Этим осенним утром Мики, оберегая чувствительную кожу от солнца, расположилась в тени красного жасмина у холма, с которого открывался вид на ковер, покрытый серебристо-зелеными ананасовыми полями, пальмовыми рощами, кремового цвета слоеными облаками и зелено-голубым океаном. Позади нее гора наклонно поднималась к неровной, покрытой зеленью вершине на высоте трех тысяч футов. Это был старый Ланайхейл, угасший вулкан, с вершины которого в такой день, как этот, видны соседние острова Молокай, Мауи, маленькие Кахулоу, Оаху и Большой остров.
По заведенному обычаю Мики завтракала, сидя за столом с плетеными ножками. Она пила чай «Эрл Грей», ела кружочки свежих ананасов и гренки с тонким слоем масла. На стеклянной поверхности стола лежали записи о пациентах. Они предназначались доктору Кеплеру, который заменит ее в клинике на время отсутствия.
Мики ждала, когда ее отвезут в аэропорт Ланай. Жизнь на этом острове, расположенном в шестидесяти милях от Гонолулу, не причиняла ей неудобств с тех пор, как она переехала сюда более двух лет назад. По утрам и вечерам она совершала получасовой полет на самолете Гаррисона, а если приходилось иметь дело с пациентом в критическом состоянии, то оставалась на ночь в Коко-Хед. Сегодня самолет перенесет ее в Гонолулу, откуда она полетит дальше в Сиэтл. В Сиэтл к Рут.
Мики налила в чашку немного чая и добавила ложку меда.
Через несколько часов она встретится с Рут. Все свои надежды Мики возлагала на эту встречу.
Последние два года с Гаррисоном казались почти сном — настолько они были прекрасны. Они вместе жили в этом доме и страстно любили друг друга. Множился список удачных фильмов, в которые он вложил инвестиции. Мики преуспевала в медицинской карьере. Разве можно было желать лучшего?
Она почувствовала, как душу пронизал холодок. Впервые она ощутила его почти год назад и сейчас не находила покоя. В совместной жизни, казавшейся во всех отношениях идеальной, появился один изъян: у них не было детей.

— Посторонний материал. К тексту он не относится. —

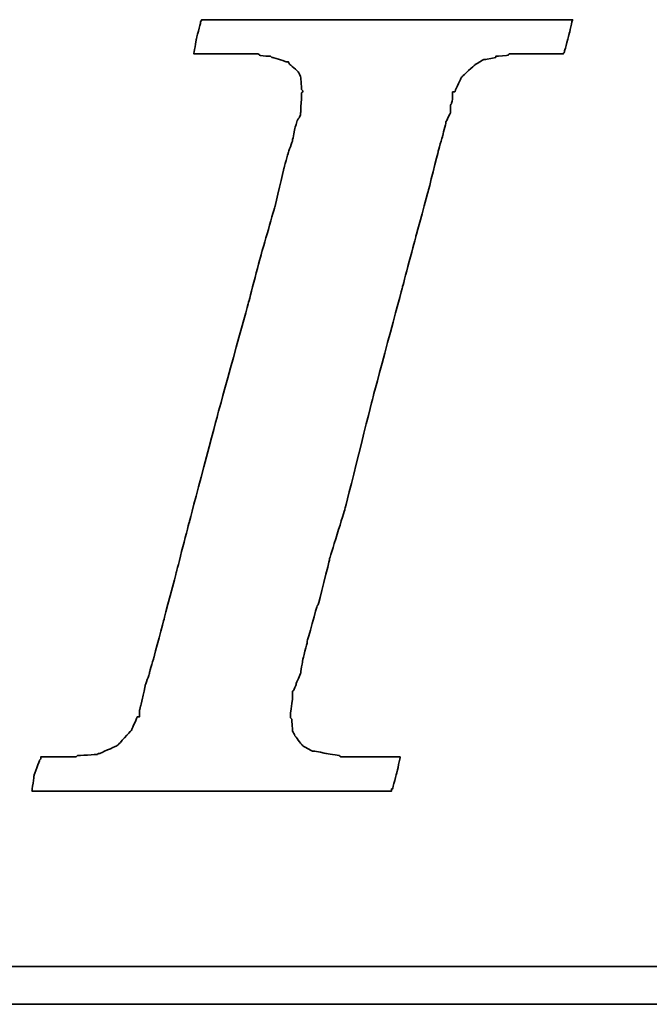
# Model space of a CAD drawing. Header units: millimetres. Extents: x 46 to 338, y 99 to 208.
# Tile 32 of 51: x 257.11 to 260.66, y 131.34 to 136.89. Entities that reach past the tile are written whole.
import ezdxf

# ---------------------------------------------------------------- set-up
doc = ezdxf.new("R2010")
doc.units = ezdxf.units.MM
doc.layers.add('DIM', color=4, linetype='Continuous')
doc.layers.add('layer 1', color=7, linetype='Continuous')

# ---------------------------------------------------------------- blocks, each defined once
blk = doc.blocks.new('TBI MOTION logo(完整正式版)')
at = {"layer": 'layer 1', "color": 22, "lineweight": 35}
for points, knots in [([(-40.59125, -7.94375), (-40.59125, -7.94375), (-40.97375, -7.94375), (-40.97375, -7.94375), (-40.97375, -7.94375), (-40.97375, -7.94375), (-41.38125, -7.94375), (-41.38125, -7.94375), (-41.38125, -7.94375), (-41.38125, -7.94375), (-41.54875, -7.94375), (-41.54875, -7.94375), (-41.54875, -7.94375), (-41.54875, -7.94375), (-41.59875, -7.94375), (-41.59875, -7.94375), (-41.59875, -7.94375), (-41.59875, -7.94375), (-41.88375, -7.94375), (-41.88375, -7.94375), (-41.88375, -7.94375), (-41.88375, -7.94375), (-41.90875, -7.91875), (-41.90875, -7.91875), (-41.90875, -7.91875), (-41.90875, -7.91875), (-42.19875, -7.87125), (-42.19875, -7.87125), (-42.19875, -7.87125), (-42.19875, -7.87125), (-42.43875, -7.82375), (-42.43875, -7.82375), (-42.43875, -7.82375), (-42.43875, -7.82375), (-42.45875, -7.82375), (-42.45875, -7.82375), (-42.45875, -7.82375), (-42.45875, -7.82375), (-42.48625, -7.82375), (-42.48625, -7.82375), (-42.48625, -7.82375), (-42.48625, -7.82375), (-42.67625, -7.72375), (-42.67625, -7.72375), (-42.67625, -7.72375), (-42.67625, -7.72375), (-42.70125, -7.70375), (-42.70125, -7.70375), (-42.70125, -7.70375), (-42.70125, -7.70375), (-42.72375, -7.67875), (-42.72375, -7.67875), (-42.72375, -7.67875), (-42.72375, -7.67875), (-42.86875, -7.48875), (-42.86875, -7.48875), (-42.86875, -7.48875), (-42.86875, -7.48875), (-42.89375, -7.43875), (-42.89375, -7.43875), (-42.89375, -7.43875), (-42.89375, -7.43875), (-42.91875, -7.38875), (-42.91875, -7.38875), (-42.91875, -7.38875), (-42.91875, -7.38875), (-42.93875, -7.12875), (-42.93875, -7.12875), (-42.93875, -7.12875), (-42.93875, -7.12875), (-42.96375, -7.10375), (-42.96375, -7.10375), (-42.96375, -7.10375), (-42.96375, -7.10375), (-42.96375, -7.05375), (-42.96375, -7.05375), (-42.96375, -7.05375), (-42.96375, -7.05375), (-42.96375, -7.00875), (-42.96375, -7.00875), (-42.96375, -7.00875), (-42.96375, -7.00875), (-42.91875, -6.69625), (-42.91875, -6.69625), (-42.91875, -6.69625), (-42.91875, -6.69625), (-42.91875, -6.62375), (-42.91875, -6.62375), (-42.91875, -6.62375), (-42.91875, -6.62375), (-42.91875, -6.59625), (-42.91875, -6.59625), (-42.91875, -6.59625), (-42.91875, -6.59625), (-42.91875, -6.57375), (-42.91875, -6.57375), (-42.91875, -6.57375), (-42.91875, -6.57375), (-42.91875, -6.52875), (-42.91875, -6.52875), (-42.91875, -6.52875), (-42.91875, -6.52875), (-42.89375, -6.50375), (-42.89375, -6.50375), (-42.89375, -6.50375), (-42.89375, -6.50375), (-42.84375, -6.38375), (-42.84375, -6.38375), (-42.84375, -6.38375), (-42.84375, -6.38375), (-42.84375, -6.35875), (-42.84375, -6.35875), (-42.84375, -6.35875), (-42.84375, -6.35875), (-42.74625, -6.14375), (-42.74625, -6.14375), (-42.74625, -6.14375), (-42.74625, -6.14375), (-42.70125, -5.85375), (-42.70125, -5.85375), (-42.70125, -5.85375), (-42.70125, -5.85375), (-42.60375, -5.47125), (-42.60375, -5.47125), (-42.60375, -5.47125), (-42.60375, -5.47125), (-42.60375, -5.44875), (-42.60375, -5.44875), (-42.60375, -5.44875), (-42.60375, -5.44875), (-42.38875, -4.67875), (-42.38875, -4.67875), (-42.38875, -4.67875), (-42.38875, -4.67875), (-42.36375, -4.65375), (-42.36375, -4.65375), (-42.36375, -4.65375), (-42.36375, -4.65375), (-42.12375, -3.69625), (-42.12375, -3.69625), (-42.12375, -3.69625), (-42.12375, -3.69625), (-42.12375, -3.67374), (-42.12375, -3.67374), (-42.12375, -3.67374), (-42.12375, -3.67374), (-41.78875, -2.59374), (-41.78875, -2.59374), (-41.78875, -2.59374), (-41.78875, -2.59374), (-41.18875, -0.19375), (-41.18875, -0.19375), (-41.18875, -0.19375), (-41.18875, -0.19375), (-40.54375, 2.20624), (-40.54375, 2.20624), (-40.54375, 2.20624), (-40.54375, 2.20624), (-40.25375, 3.30875), (-40.25375, 3.30875), (-40.25375, 3.30875), (-40.25375, 3.30875), (-39.98875, 4.27125), (-39.98875, 4.27125), (-39.98875, 4.27125), (-39.98875, 4.27125), (-39.77375, 5.13125), (-39.77375, 5.13125), (-39.77375, 5.13125), (-39.77375, 5.13125), (-39.67875, 5.47125), (-39.67875, 5.47125), (-39.67875, 5.47125), (-39.67875, 5.47125), (-39.60375, 5.75625), (-39.60375, 5.75625), (-39.60375, 5.75625), (-39.60375, 5.75625), (-39.60375, 5.78125), (-39.60375, 5.78125), (-39.60375, 5.78125), (-39.60375, 5.78125), (-39.50875, 5.97125), (-39.50875, 5.97125), (-39.50875, 5.97125), (-39.50875, 5.97125), (-39.50875, 6.13875), (-39.50875, 6.13875), (-39.50875, 6.13875), (-39.50875, 6.13875), (-39.48625, 6.16625), (-39.48625, 6.16625), (-39.48625, 6.16625), (-39.48625, 6.16625), (-39.46125, 6.28625), (-39.46125, 6.28625), (-39.46125, 6.28625), (-39.46125, 6.28625), (-39.46125, 6.42625), (-39.46125, 6.42625), (-39.46125, 6.42625), (-39.46125, 6.42625), (-39.41375, 6.42625), (-39.41375, 6.42625), (-39.41375, 6.42625), (-39.41375, 6.42625), (-39.29375, 6.69125), (-39.29375, 6.69125), (-39.29375, 6.69125), (-39.29375, 6.69125), (-39.26875, 6.74125), (-39.26875, 6.74125), (-39.26875, 6.74125), (-39.26875, 6.74125), (-39.24375, 6.76625), (-39.24375, 6.76625), (-39.24375, 6.76625), (-39.24375, 6.76625), (-38.98375, 7.00624), (-38.98375, 7.00624), (-38.98375, 7.00624), (-38.98375, 7.00624), (-38.95625, 7.02624), (-38.95625, 7.02624), (-38.95625, 7.02624), (-38.95625, 7.02624), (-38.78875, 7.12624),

Сначала этот вопрос их не занимал. Временами они предавались то нежной, то бурной любви, свойственной новобрачным, и не задумывались о детях. Оба просто любили друг друга, ибо это было естественно и приносило огромное физическое и эмоциональное удовлетворение. Затем каждый месяц как бы невзначай возникали вопросы, и оба подтрунивали на тему «а что если» или «как было бы хорошо, если бы», после чего росли ожидания, надежды… Разочарование углублялось с каждым разом, а сама эта тема переходила от радостных предположений к неподдельной озабоченности.
В марте Мики наконец собралась с духом и спросила: «Может быть, у нас что-то не так?» И Гаррисон, почувствовав облегчение оттого, что безмолвную тревогу облекли в слова, тут же согласился, что они оба должны «разобраться в этом».